## Task objective
In the records that follow, how many lines contain the word "report"? Give only that figure.

(Extracted records)
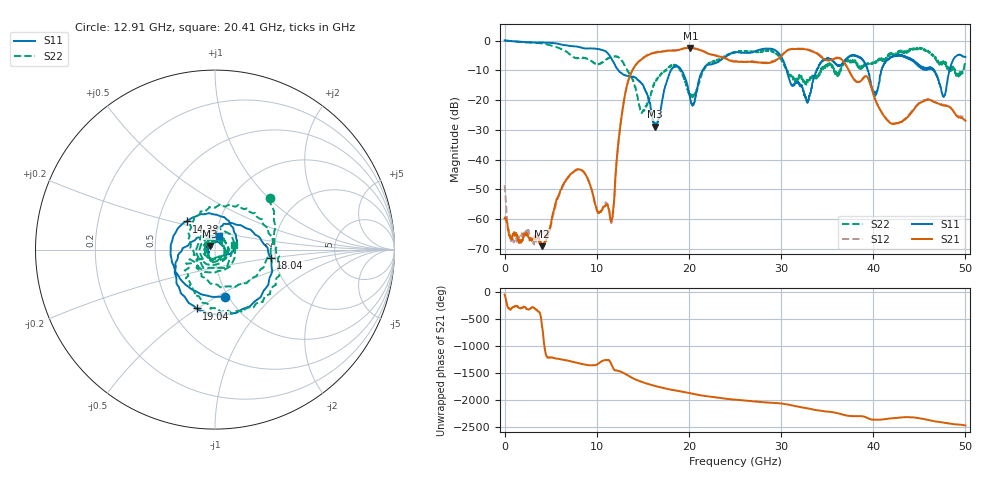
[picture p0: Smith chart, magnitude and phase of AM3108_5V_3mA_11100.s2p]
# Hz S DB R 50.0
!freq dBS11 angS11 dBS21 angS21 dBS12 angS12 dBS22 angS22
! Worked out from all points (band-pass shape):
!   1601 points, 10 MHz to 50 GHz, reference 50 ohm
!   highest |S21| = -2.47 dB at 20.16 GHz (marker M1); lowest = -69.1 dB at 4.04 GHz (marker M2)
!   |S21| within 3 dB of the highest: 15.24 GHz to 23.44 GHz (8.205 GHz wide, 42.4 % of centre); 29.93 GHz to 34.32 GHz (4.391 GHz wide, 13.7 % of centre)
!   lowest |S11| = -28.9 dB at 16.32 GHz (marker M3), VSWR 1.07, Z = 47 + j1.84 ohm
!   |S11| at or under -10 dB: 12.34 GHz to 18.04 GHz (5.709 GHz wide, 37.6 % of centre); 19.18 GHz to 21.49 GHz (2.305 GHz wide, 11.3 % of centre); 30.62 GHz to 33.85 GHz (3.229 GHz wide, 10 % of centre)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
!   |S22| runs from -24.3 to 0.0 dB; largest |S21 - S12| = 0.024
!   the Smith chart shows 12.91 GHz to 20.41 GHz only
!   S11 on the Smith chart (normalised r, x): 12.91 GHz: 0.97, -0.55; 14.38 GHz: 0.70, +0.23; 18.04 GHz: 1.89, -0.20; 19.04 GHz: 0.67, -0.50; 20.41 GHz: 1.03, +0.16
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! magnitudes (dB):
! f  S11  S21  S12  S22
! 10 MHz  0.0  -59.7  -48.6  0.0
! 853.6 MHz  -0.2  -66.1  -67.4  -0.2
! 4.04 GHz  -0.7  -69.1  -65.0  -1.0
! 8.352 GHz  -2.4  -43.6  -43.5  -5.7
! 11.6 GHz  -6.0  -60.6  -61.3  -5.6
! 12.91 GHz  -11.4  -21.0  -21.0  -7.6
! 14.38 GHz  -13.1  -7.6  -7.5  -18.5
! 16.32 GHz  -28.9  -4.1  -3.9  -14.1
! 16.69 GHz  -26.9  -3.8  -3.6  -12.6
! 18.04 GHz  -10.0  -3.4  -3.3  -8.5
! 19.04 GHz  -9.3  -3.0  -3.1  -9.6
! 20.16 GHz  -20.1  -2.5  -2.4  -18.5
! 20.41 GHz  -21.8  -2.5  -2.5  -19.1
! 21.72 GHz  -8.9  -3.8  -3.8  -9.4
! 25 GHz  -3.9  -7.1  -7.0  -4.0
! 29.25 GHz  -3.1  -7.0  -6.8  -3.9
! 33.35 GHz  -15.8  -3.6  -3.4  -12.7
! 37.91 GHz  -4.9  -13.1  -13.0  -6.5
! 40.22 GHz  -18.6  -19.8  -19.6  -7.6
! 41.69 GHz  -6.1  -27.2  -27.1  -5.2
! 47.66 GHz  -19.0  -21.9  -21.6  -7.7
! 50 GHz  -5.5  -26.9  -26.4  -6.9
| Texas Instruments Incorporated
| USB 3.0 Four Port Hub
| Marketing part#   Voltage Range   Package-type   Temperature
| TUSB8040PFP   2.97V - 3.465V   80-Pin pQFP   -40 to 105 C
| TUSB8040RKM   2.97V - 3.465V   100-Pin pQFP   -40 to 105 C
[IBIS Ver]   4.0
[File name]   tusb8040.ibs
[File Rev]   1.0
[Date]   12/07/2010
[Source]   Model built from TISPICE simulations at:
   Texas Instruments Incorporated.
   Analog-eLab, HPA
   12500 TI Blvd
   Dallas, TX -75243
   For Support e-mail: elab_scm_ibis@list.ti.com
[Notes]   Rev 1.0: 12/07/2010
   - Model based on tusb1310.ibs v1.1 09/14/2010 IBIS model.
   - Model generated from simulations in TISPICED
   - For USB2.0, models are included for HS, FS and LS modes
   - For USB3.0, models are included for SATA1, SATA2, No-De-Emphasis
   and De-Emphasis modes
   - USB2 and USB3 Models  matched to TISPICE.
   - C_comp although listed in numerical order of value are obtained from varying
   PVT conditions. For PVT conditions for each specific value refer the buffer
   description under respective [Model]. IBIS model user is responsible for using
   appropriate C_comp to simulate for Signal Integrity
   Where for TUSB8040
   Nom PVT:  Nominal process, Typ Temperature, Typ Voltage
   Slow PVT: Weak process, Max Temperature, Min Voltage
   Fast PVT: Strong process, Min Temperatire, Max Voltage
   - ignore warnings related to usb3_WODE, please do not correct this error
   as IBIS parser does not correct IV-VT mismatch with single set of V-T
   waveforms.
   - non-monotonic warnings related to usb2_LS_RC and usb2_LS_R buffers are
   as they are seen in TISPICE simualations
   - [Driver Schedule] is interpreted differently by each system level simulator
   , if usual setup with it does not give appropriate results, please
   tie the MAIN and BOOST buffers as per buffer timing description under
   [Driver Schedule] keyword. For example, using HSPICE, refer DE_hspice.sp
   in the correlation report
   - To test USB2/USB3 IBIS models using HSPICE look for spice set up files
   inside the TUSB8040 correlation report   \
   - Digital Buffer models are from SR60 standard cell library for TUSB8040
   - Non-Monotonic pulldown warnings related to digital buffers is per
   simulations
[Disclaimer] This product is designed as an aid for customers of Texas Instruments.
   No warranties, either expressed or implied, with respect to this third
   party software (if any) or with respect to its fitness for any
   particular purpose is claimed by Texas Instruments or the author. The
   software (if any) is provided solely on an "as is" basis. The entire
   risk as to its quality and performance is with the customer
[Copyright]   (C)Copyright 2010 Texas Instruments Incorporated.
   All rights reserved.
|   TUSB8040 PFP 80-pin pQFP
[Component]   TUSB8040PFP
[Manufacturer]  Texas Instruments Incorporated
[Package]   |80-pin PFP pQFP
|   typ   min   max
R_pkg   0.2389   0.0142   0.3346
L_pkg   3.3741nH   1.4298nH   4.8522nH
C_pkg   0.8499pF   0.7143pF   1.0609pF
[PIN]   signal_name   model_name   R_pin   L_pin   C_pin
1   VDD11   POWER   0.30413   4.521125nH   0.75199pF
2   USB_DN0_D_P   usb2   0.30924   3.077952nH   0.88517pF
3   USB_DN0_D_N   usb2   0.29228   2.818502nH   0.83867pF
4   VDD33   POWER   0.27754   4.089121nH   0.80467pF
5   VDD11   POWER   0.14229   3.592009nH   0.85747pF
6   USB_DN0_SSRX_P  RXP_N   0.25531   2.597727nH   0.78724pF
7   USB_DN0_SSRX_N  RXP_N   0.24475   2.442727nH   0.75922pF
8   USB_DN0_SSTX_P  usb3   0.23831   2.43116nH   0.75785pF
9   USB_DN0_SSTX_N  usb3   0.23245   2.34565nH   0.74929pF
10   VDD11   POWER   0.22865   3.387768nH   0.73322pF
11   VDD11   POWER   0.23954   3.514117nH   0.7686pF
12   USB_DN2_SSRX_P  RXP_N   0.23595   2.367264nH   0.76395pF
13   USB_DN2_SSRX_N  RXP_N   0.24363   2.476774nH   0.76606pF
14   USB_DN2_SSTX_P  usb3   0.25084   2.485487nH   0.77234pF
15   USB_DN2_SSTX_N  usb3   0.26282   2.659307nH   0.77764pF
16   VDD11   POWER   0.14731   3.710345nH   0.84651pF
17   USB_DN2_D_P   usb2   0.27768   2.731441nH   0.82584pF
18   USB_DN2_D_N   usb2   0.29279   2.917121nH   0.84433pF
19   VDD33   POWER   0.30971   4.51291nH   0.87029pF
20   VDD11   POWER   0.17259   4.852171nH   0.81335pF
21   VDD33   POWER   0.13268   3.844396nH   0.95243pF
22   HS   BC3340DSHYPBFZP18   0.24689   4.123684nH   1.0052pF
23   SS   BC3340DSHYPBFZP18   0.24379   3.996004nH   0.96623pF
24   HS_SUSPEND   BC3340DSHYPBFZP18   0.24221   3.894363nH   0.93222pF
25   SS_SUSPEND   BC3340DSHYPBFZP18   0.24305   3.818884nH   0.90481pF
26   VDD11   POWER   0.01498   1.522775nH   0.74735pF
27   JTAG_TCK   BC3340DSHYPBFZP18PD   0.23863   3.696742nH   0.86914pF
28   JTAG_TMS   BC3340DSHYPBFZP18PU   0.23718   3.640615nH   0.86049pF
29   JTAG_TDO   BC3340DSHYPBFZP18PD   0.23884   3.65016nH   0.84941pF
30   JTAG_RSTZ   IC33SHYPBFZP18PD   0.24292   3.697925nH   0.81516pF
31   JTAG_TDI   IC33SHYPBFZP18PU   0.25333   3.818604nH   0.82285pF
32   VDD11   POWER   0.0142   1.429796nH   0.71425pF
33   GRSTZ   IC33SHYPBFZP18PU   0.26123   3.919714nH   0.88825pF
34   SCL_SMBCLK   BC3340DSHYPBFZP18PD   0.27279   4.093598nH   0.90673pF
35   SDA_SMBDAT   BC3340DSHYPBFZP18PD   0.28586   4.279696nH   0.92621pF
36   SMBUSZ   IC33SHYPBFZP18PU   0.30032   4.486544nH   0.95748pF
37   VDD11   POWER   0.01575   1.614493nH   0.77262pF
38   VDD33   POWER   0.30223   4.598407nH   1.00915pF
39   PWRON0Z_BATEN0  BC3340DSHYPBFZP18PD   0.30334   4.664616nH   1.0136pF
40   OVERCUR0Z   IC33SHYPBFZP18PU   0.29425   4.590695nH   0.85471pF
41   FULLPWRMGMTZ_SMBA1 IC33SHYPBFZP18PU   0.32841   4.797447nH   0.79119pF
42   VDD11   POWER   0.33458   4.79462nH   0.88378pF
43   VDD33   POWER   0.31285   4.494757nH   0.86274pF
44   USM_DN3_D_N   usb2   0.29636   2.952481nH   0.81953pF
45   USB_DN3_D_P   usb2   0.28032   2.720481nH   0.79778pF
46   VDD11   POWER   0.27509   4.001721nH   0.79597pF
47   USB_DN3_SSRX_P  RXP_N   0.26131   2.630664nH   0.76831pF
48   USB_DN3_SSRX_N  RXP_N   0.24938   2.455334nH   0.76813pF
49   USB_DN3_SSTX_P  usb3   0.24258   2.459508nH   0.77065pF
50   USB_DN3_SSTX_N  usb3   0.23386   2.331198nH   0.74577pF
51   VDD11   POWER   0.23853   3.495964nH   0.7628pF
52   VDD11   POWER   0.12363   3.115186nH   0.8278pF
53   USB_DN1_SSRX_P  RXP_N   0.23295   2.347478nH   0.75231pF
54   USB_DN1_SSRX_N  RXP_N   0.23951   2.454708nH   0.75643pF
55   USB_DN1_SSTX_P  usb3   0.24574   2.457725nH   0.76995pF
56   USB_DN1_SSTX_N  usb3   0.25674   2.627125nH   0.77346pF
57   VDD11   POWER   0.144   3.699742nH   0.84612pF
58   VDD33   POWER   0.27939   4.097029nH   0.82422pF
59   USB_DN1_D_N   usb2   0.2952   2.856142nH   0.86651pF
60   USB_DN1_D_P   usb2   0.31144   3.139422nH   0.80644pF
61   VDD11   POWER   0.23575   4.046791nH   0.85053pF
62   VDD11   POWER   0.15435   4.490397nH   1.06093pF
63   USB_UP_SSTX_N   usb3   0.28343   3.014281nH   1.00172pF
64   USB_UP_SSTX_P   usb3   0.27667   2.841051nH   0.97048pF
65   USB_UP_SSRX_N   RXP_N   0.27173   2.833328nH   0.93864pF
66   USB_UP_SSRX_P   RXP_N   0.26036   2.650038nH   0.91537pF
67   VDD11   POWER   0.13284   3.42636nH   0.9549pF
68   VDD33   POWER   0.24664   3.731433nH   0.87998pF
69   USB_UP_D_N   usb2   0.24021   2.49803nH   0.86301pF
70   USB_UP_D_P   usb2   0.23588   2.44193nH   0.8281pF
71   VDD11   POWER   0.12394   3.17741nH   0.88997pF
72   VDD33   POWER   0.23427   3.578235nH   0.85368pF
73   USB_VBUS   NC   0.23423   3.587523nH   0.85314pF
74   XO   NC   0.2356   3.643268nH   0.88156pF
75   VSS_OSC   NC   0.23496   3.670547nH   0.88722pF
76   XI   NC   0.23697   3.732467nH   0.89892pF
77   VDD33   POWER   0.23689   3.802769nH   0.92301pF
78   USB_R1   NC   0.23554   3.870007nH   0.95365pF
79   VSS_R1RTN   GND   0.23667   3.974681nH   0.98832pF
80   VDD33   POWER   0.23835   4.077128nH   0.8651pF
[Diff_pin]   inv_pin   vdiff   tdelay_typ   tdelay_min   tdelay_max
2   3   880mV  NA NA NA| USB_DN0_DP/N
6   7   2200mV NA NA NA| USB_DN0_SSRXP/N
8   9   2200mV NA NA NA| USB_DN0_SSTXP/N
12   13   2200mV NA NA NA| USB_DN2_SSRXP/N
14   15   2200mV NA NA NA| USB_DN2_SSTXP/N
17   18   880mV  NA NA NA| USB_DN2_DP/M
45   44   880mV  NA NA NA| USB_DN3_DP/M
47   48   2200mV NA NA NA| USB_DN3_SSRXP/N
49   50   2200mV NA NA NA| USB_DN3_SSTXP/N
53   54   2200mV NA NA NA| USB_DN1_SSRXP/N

## Final answer
2